# Shou Sugi Ban Help



## TNNovice (Aug 15, 2016)

Hey all,
I'm new to the forum and to be honest new to woodworking in general. I am wanting to do a Shou Sugi Ban (Deep "Gator" charred) finish on some cypress planks. My question is, after charring the planks to a gator finish how do I prevent the char from ashing or flaking off? I feel like even if I seal the planks after the char it will still flake out. Any tips or advice?
Thanks


----------



## Iguana (Jun 22, 2011)

You need to brush off the char - use a brass wire brush. There is no way to seal the char to the wood. Unfortunately you'll loose most, if not all, of the alligatoring. After brushing off, also wipe off the remaining soot. Then oil.

Wear a mask!


----------



## kelvancra (May 4, 2010)

The whole idea is to leave the char as a shield to the weather, Mark.

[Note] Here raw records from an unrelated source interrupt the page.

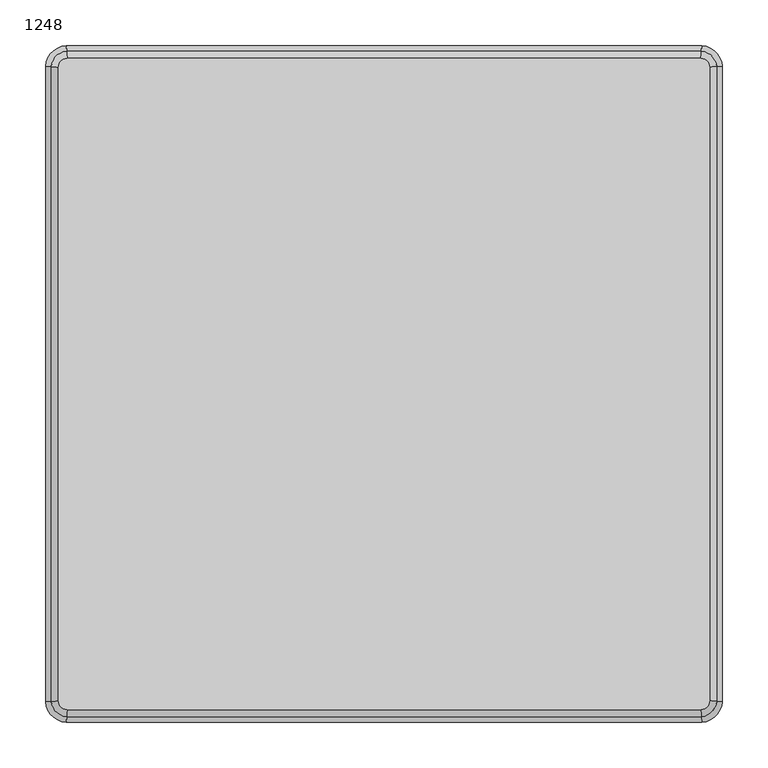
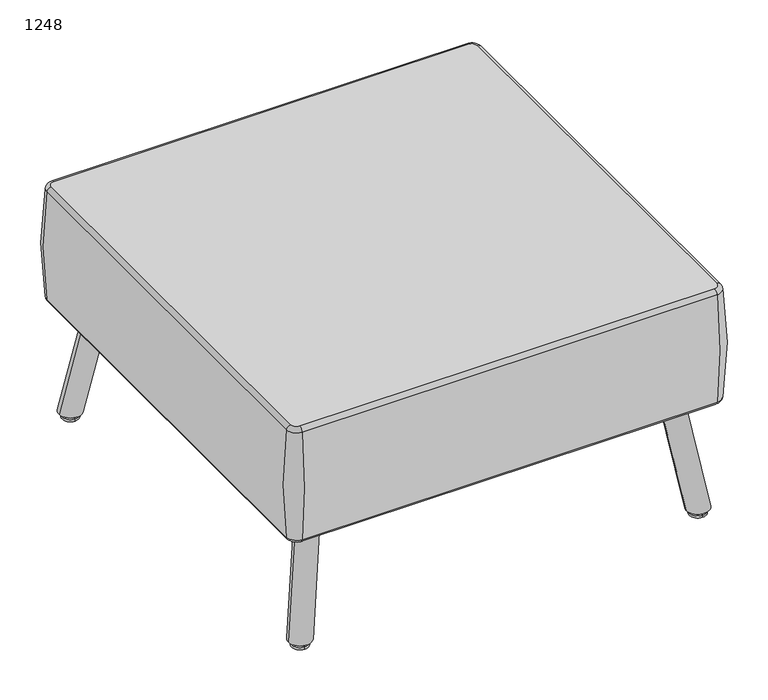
"""IFC4 building model written with IfcOpenShell, lengths in millimetres: furniture geometry, Laguna-Square_Ottomans-With_Legs-ERG : 1248."""

from ifc_helpers import new_model, si_unit, point, frame, frame_2d, origin, place, context, project, spatial, polyline, circle_curve, ellipse_curve, trimmed, segment, composite_curve, outline, extrude, source, transform, mapped, element, save
from ifc_brep_helpers import plane_surface, cylinder_surface, revolved_surface, spline_surface, advanced_brep


def furniture_1248_87769bc4(model_context):
    return source(origin(), model_context, "Body", "SolidModel", [
        advanced_brep(
        [(-4705.4077961, 1286.5407835, 406.4), (-4715.1271097, 1276.82147, 406.4), (-4715.1271097, 581.8902303, 406.4), (-4705.4077961, 572.1709168, 406.4), (-4010.4765565, 572.1709168, 406.4), (-4000.757243, 581.8902303, 406.4), (-4000.757243, 1276.82147, 406.4), (-4010.4765565, 1286.5407835, 406.4), (-4715.1271097, 1276.82147, 203.2), (-4705.4077961, 1286.5407835, 203.2), (-4010.4765565, 1286.5407835, 203.2), (-4000.757243, 1276.82147, 203.2), (-4000.757243, 581.8902303, 203.2), (-4010.4765565, 572.1709168, 203.2), (-4705.4077961, 572.1709168, 203.2), (-4715.1271097, 581.8902303, 203.2), (-4722.6676775, 1277.2535593, 399.7887299), (-4705.8398855, 1294.0813513, 399.7887299), (-4705.8398855, 1294.0813513, 209.8112701), (-4722.6676775, 1277.2535593, 209.8112701), (-4722.6676775, 581.458141, 209.8112701), (-4722.6676775, 581.458141, 399.7887299), (-4705.8398855, 564.630349, 209.8112701), (-4705.8398855, 564.630349, 399.7887299), (-4010.0444671, 564.630349, 209.8112701), (-4010.0444671, 564.630349, 399.7887299), (-3993.2166751, 581.458141, 209.8112701), (-3993.2166751, 581.458141, 399.7887299), (-3993.2166751, 1277.2535593, 209.8112701), (-3993.2166751, 1277.2535593, 399.7887299), (-4010.0444671, 1294.0813513, 209.8112701), (-4010.0444671, 1294.0813513, 399.7887299)],
        [
            (0, 1, circle_curve(frame((-4704.8170071, 1276.2306809, 406.4), z_axis=(0.0, 0.0, 1.0), x_axis=(-0.05720811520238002, 0.9983622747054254, 0.0)), 10.3270154)),
            (1, 2, circle_curve(frame((1348.637889, 929.3558502, 406.4), z_axis=(0.0, 0.0, 1.0), x_axis=(-0.9983622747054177, 0.057208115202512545, 0.0)), 6073.7120706)),
            (2, 3, circle_curve(frame((-4704.8170071, 582.4810194, 406.4), z_axis=(0.0, 0.0, 1.0), x_axis=(-0.9983622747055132, -0.05720811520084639, 0.0)), 10.3270154)),
            (3, 4, circle_curve(frame((-4357.9421763, 6635.9359155, 406.4), z_axis=(0.0, 0.0, 1.0), x_axis=(-0.05720811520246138, -0.9983622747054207, 0.0)), 6073.7120706)),
            (4, 5, circle_curve(frame((-4011.0673456, 582.4810194, 406.4), z_axis=(0.0, 0.0, 1.0), x_axis=(0.05720811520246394, -0.9983622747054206, 0.0)), 10.3270154)),
            (5, 6, circle_curve(frame((-10064.5222416, 929.3558502, 406.4), z_axis=(0.0, 0.0, 1.0), x_axis=(0.9983622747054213, -0.05720811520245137, 0.0)), 6073.7120706)),
            (6, 7, circle_curve(frame((-4011.0673456, 1276.2306809, 406.4), z_axis=(0.0, 0.0, 1.0), x_axis=(0.9983622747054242, 0.057208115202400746, 0.0)), 10.3270154)),
            (7, 0, circle_curve(frame((-4357.9421763, -4777.2242152, 406.4), z_axis=(0.0, 0.0, 1.0), x_axis=(0.0572081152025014, 0.9983622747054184, 0.0)), 6073.7120706)),
            (8, 9, circle_curve(frame((-4704.8170071, 1276.2306809, 203.2), z_axis=(0.0, 0.0, -1.0), x_axis=(-0.05720811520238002, 0.9983622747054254, 0.0)), 10.3270154)),
            (9, 10, circle_curve(frame((-4357.9421763, -4777.2242152, 203.2), z_axis=(0.0, 0.0, -1.0), x_axis=(0.0572081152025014, 0.9983622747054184, 0.0)), 6073.7120706)),
            (10, 11, circle_curve(frame((-4011.0673456, 1276.2306809, 203.2), z_axis=(0.0, 0.0, -1.0), x_axis=(0.9983622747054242, 0.057208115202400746, 0.0)), 10.3270154)),
            (11, 12, circle_curve(frame((-10064.5222416, 929.3558502, 203.2), z_axis=(0.0, 0.0, -1.0), x_axis=(0.9983622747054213, -0.05720811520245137, 0.0)), 6073.7120706)),
            (12, 13, circle_curve(frame((-4011.0673456, 582.4810194, 203.2), z_axis=(0.0, 0.0, -1.0), x_axis=(0.05720811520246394, -0.9983622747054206, 0.0)), 10.3270154)),
            (13, 14, circle_curve(frame((-4357.9421763, 6635.9359155, 203.2), z_axis=(0.0, 0.0, -1.0), x_axis=(-0.05720811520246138, -0.9983622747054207, 0.0)), 6073.7120706)),
            (14, 15, circle_curve(frame((-4704.8170071, 582.4810194, 203.2), z_axis=(0.0, 0.0, -1.0), x_axis=(-0.9983622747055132, -0.05720811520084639, 0.0)), 10.3270154)),
            (15, 8, circle_curve(frame((1348.637889, 929.3558502, 203.2), z_axis=(0.0, 0.0, -1.0), x_axis=(-0.9983622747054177, 0.057208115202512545, 0.0)), 6073.7120706)),
            (16, 17, circle_curve(frame((-4704.8170071, 1276.2306809, 399.7887299), z_axis=(0.0, 0.0, -1.0), x_axis=(-0.05720811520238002, 0.9983622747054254, 0.0)), 17.8799529)),
            (17, 18, circle_curve(frame((-4665.1514749, 584.0112161, 304.8), z_axis=(-0.9983622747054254, -0.057208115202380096, 0.0), x_axis=(0.057208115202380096, -0.9983622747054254, 0.0)), 717.55)),
            (18, 19, circle_curve(frame((-4704.8170071, 1276.2306809, 209.8112701), z_axis=(0.0, 0.0, 1.0), x_axis=(-0.05720811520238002, 0.9983622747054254, 0.0)), 17.8799529)),
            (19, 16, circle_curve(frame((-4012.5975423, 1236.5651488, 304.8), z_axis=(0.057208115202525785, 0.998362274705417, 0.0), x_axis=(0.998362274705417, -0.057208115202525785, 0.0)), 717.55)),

TNN, I DON'T KNOW that they bother sealing the char. I've dug up hundred year old charcoal bottle hunting and it was doing just fine without any protective finish.


----------



## SuperCubber (Feb 23, 2012)

I'm not in a place right now where I can re-watch this video again, but IIRC, Matt did a nice job describing the process:


----------



## TNNovice (Aug 15, 2016)

Kelly, I was assuming the sealer was to limit the smell of burnt wood in the house and to potentially protect against ash flaking off all over there place.


----------



## TObenhuber (Jan 15, 2014)

Did you end up trying the Shou Sugi Ban? I'm interested in trying it on done plaques I make.


----------



## RussellAP (Feb 21, 2012)

The char does help with weathering, but most of the weathering is done microscopically with tiny bits of char. Believe me, you won't wash out all the char with brushes. I use a wire brush and a stiff nylon brush and there is still plenty of char down in the pours. When you give it a really wet coat of Tung oil it stiffens it up and it'll last a good 20 years without much change in appearance. I just did an Adirondack today using the method, and I have 5 love seats up next for a customer. I think it's a hell of a lot easier than stain and seal.


----------



## r33tc0w (Jan 27, 2017)

Our sign shop did this for a sign not too long ago. Get spray poly or automotive clear coat. It'll help keep the char bonded together without physically applying a coating. Plan on caking it on big-time, need a lot to hold it on


----------